Now i am thinking to buy new SSD (WD Blue, or Samsung EVO 860), but at first i want find out where was problem with ADATA SU650.

All tests done after restarting PC.
Crystal DiskMark





Folder with 11 video files (13 GB) from ADATA SU650 => Intel 520 Series SSD




Folder with 11 video files (13 GB) from Intel 520 Series SSD => ADATA SU650
Starts with 400+, then drops to 240 and then stays below 15MB with spikes up to 200.

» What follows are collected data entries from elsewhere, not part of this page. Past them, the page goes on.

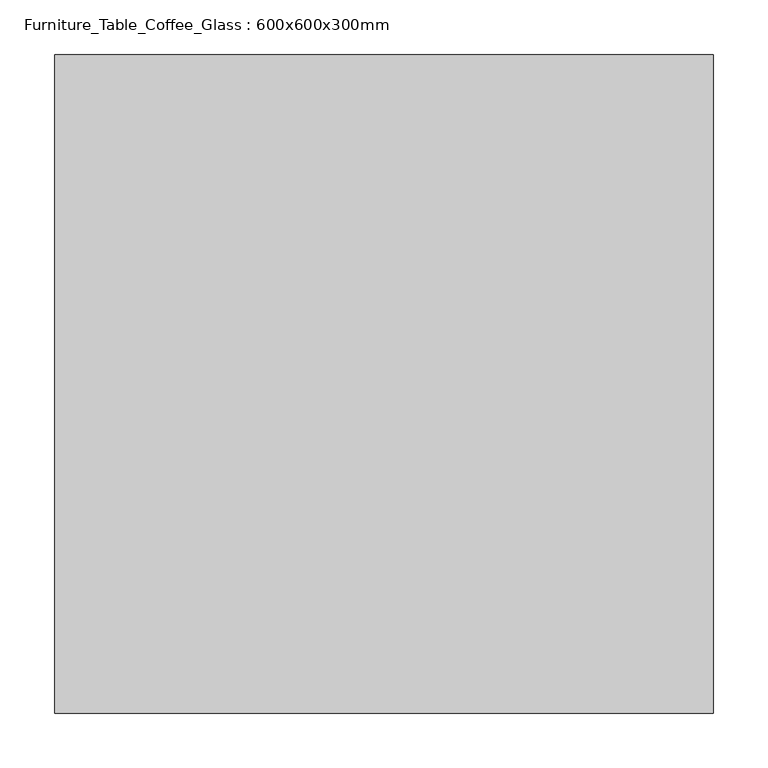
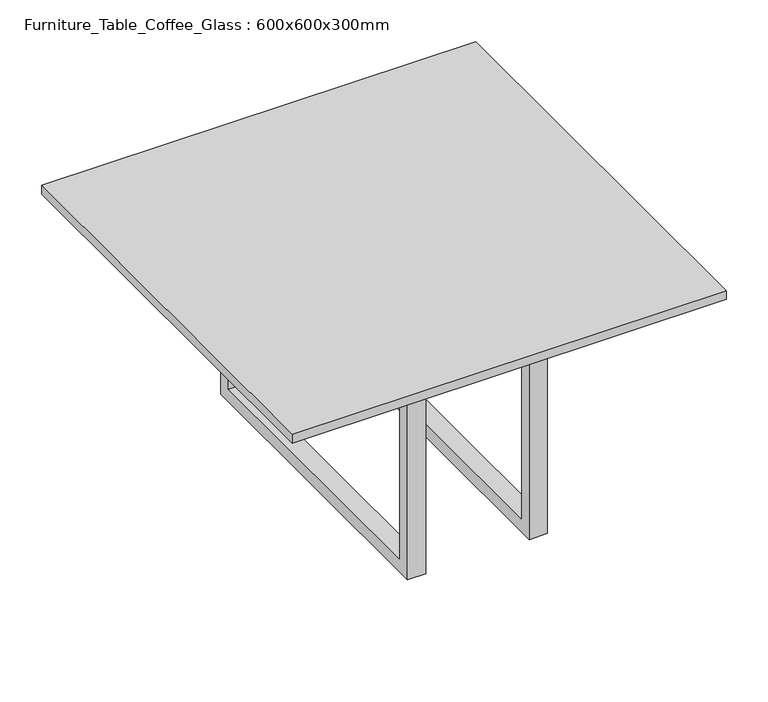
"""IFC4 building model written with IfcOpenShell, lengths in millimetres: furniture geometry, Furniture_Table_Coffee_Glass : 600x600x300mm."""

from ifc_helpers import new_model, si_unit, frame, origin, place, context, project, spatial, polyline, outline, extrude, source, transform, mapped, element, save


def furniture_table_coffee_glass_600x600x300mm_1c447c2e(model_context):
    return source(origin(), model_context, "Body", "SweptSolid", [
        extrude(outline(polyline([(375.1336303, 298.1358318), (375.1336303, 279.0858318), (232.3336303, 279.0858318), (232.3336303, 298.1358318), (375.1336303, 298.1358318)])), frame((0.0, 0.0, 298.25), z_axis=(0.0, 0.0, 1.0), x_axis=(1.0, 0.0, 0.0)), (0.0, 0.0, 1.0), 19.05),
        extrude(outline(polyline([(64.8108318, 317.3), (512.4108318, 317.3), (512.4108318, 0.0), (64.8108318, 0.0), (64.8108318, 317.3)]), holes=[polyline([(83.8608318, 298.25), (83.8608318, 19.05), (493.3608318, 19.05), (493.3608318, 298.25), (83.8608318, 298.25)])]), frame((375.1336303, 0.0, 0.0), z_axis=(1.0, 0.0, 0.0), x_axis=(0.0, 1.0, 0.0)), (0.0, 0.0, 1.0), 25.4),
        extrude(outline(polyline([(64.8108318, 317.3), (512.4108318, 317.3), (512.4108318, 0.0), (64.8108318, 0.0), (64.8108318, 317.3)]), holes=[polyline([(83.8608318, 298.25), (83.8608318, 19.05), (493.3608318, 19.05), (493.3608318, 298.25), (83.8608318, 298.25)])]), frame((206.9336303, 0.0, 0.0), z_axis=(1.0, 0.0, 0.0), x_axis=(0.0, 1.0, 0.0)), (0.0, 0.0, 1.0), 25.4),
        extrude(outline(polyline([(603.7336303, 588.6108318), (603.7336303, -11.3891682), (3.7336303, -11.3891682), (3.7336303, 588.6108318), (603.7336303, 588.6108318)])), frame((0.0, 0.0, 317.3), z_axis=(0.0, 0.0, 1.0), x_axis=(1.0, 0.0, 0.0)), (0.0, 0.0, 1.0), 12.7),
    ])


if __name__ == "__main__":
    model = new_model("IFC4")
    model_context = context("Model", 3, world=origin())
    ifc_project = project(units=[si_unit("LENGTHUNIT", "METRE", prefix="MILLI")], contexts=[model_context])
    site = spatial("IfcSite", under=ifc_project)
    building = spatial("IfcBuilding", under=site)
    placement = place(None, origin())
    furniture_table_coffee_glass_600x600x300mm_shape = furniture_table_coffee_glass_600x600x300mm_1c447c2e(model_context)
    element("IfcFurniture", 1, ObjectType="Furniture_Table_Coffee_Glass : 600x600x300mm", at=placement, inside=building, context=model_context, shape_type="MappedRepresentation", body=[
        mapped(furniture_table_coffee_glass_600x600x300mm_shape, transform((0.0, 0.0, 0.0), x_axis=(1.0, 0.0, 0.0), y_axis=(0.0, 1.0, 0.0), z_axis=(0.0, 0.0, 1.0))),
    ])
    save(model, "model.ifc")

# Revit data of these elements
# Project information
#   Project Status = "Project Status"
#   Client Name = "Revit Project"
#   Project Address = "Enter address here"
#   Project Name = "Two Storey Residence"
#   Project Number = "P.01"
# Type "Furniture_Table_Coffee_Glass : 600x600x300mm"
#   Keynote = "N"
#   Height = 330 mm
#   Length = 600 mm
#   Width = 600 mm
#   Material Base = Metal - Chrome
#   Material Top = Glass - Clear, Grey
#   Assembly Code = ""
# Element 1 (IfcFurniture, "Furniture_Table_Coffee_Glass : 600x600x300mm")
#   Materials on its faces: "Metal - Chrome", "Glass - Clear, Grey"
# Materials
#   "Metal - Chrome": class "Metal", colour RGB 206 206 206, transparency 0
#   "Glass - Clear, Grey": class "Glass", colour RGB 252 255 255, transparency 0.64

And current results are actually fine. Usually they are much worse.


----------



## Toothless (Jan 12, 2021)

Try switching the sata ports.


----------



## MeltedIron00 (Jan 12, 2021)

I have 8 SATA ports, 4 x SATA 6Gb/s and 4 x SATA 3Gb/s. 
2 of them driven by Marvell controller and other 6 are driven by the Z68 PCH (Platform Controller Hub). 

At this moment:
- Intel SSD (system drive) is connected to SATA 6Gb/s Z68 PCH
- SEAGATE Barracuda 1TB is connected to SATA 6Gb/s Z68 PCH
- ADATA SSD connected to SATA 3Gb/s Z68 PCH

When i bought SA650 i tested different SATA ports.
Ok, I will test other SATA ports one more time.


----------



## ThrashZone (Jan 12, 2021)

Hi,
Yeah adata tried some newer 8200 pro m.2's they tested no where near spec's so I returned them.
I'd never try another adata product.


----------



## MeltedIron00 (Jan 12, 2021)

Toothless said:


> Try switching the sata ports.


System don't see SSD when i am connecting to 2 Marvell 6Gb/s SATA ports. Not in Bios, not in Windows Disk Management/Device Manager.

any ideas where can be problem?


----------